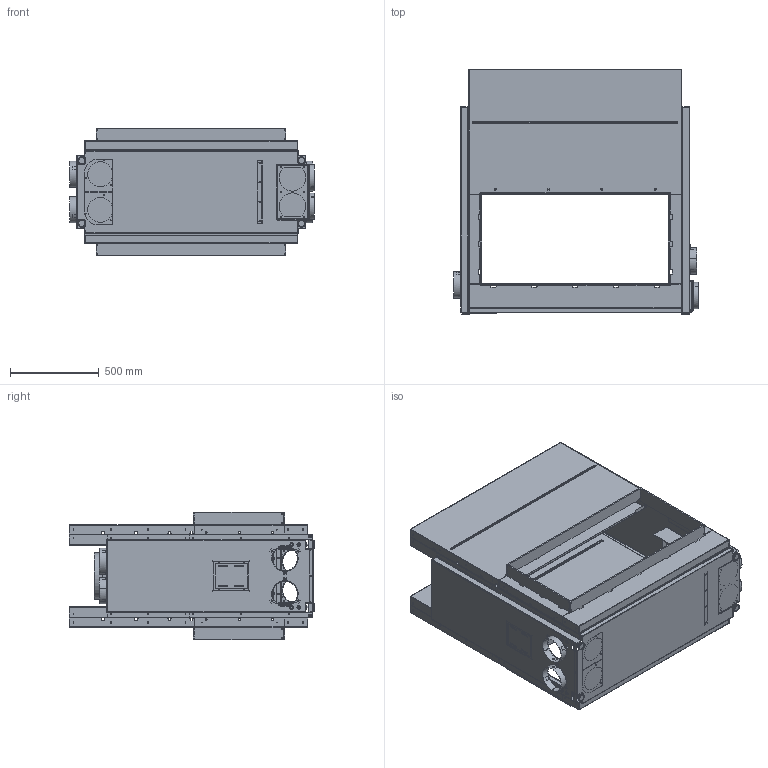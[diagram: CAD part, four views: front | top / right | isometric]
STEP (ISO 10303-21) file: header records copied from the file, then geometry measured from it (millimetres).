
FILE_DESCRIPTION (( 'STEP AP214' ), '1' );
FILE_NAME ('W105 47T.STEP', '2020-03-04T11:05:55', ( '' ), ( '' ), 'SwSTEP 2.0', 'SolidWorks 2018', '' );
FILE_SCHEMA (( 'AUTOMOTIVE_DESIGN' ));
Length unit declared in the file: millimetre
Products named in the file (1): W105 47T
Bounding box: 1377.5 x 1381.5 x 715.8 mm (x, y, z)
Volume: 18724989.7 mm3; surface area: 16640235 mm2
Topology: 80 solids, 80 shells, 3709 faces, 9794 edges, 6268 vertices
Faces by surface type: plane 2069, cylinder 1502, bspline 98, cone 40
Full cylindrical faces by diameter (mm): 232 x1, 236 x1, 250 x1, 254 x1, 256 x1, 260 x1
Entity records: 161796 total; most frequent: CARTESIAN_POINT 25134, DIRECTION 19828, ORIENTED_EDGE 19548, EDGE_CURVE 9774, AXIS2_PLACEMENT_3D 6712, VECTOR 6404, LINE 6404, VERTEX_POINT 6268

• _Your objective_
Beginning with the line that holds "STEP (ISO 10303-21)" and ending with the last line of the data, copy each line exactly and add nothing.

• _Exercise output_
STEP (ISO 10303-21) file: header records copied from the file, then geometry measured from it (millimetres).
FILE_DESCRIPTION (( 'STEP AP214' ), '1' );
FILE_NAME ('W105 47T.STEP', '2020-03-04T11:05:55', ( '' ), ( '' ), 'SwSTEP 2.0', 'SolidWorks 2018', '' );
FILE_SCHEMA (( 'AUTOMOTIVE_DESIGN' ));
Length unit declared in the file: millimetre
Products named in the file (1): W105 47T
Bounding box: 1377.5 x 1381.5 x 715.8 mm (x, y, z)
Volume: 18724989.7 mm3; surface area: 16640235 mm2
Topology: 80 solids, 80 shells, 3709 faces, 9794 edges, 6268 vertices
Faces by surface type: plane 2069, cylinder 1502, bspline 98, cone 40
Full cylindrical faces by diameter (mm): 232 x1, 236 x1, 250 x1, 254 x1, 256 x1, 260 x1
Entity records: 161796 total; most frequent: CARTESIAN_POINT 25134, DIRECTION 19828, ORIENTED_EDGE 19548, EDGE_CURVE 9774, AXIS2_PLACEMENT_3D 6712, VECTOR 6404, LINE 6404, VERTEX_POINT 6268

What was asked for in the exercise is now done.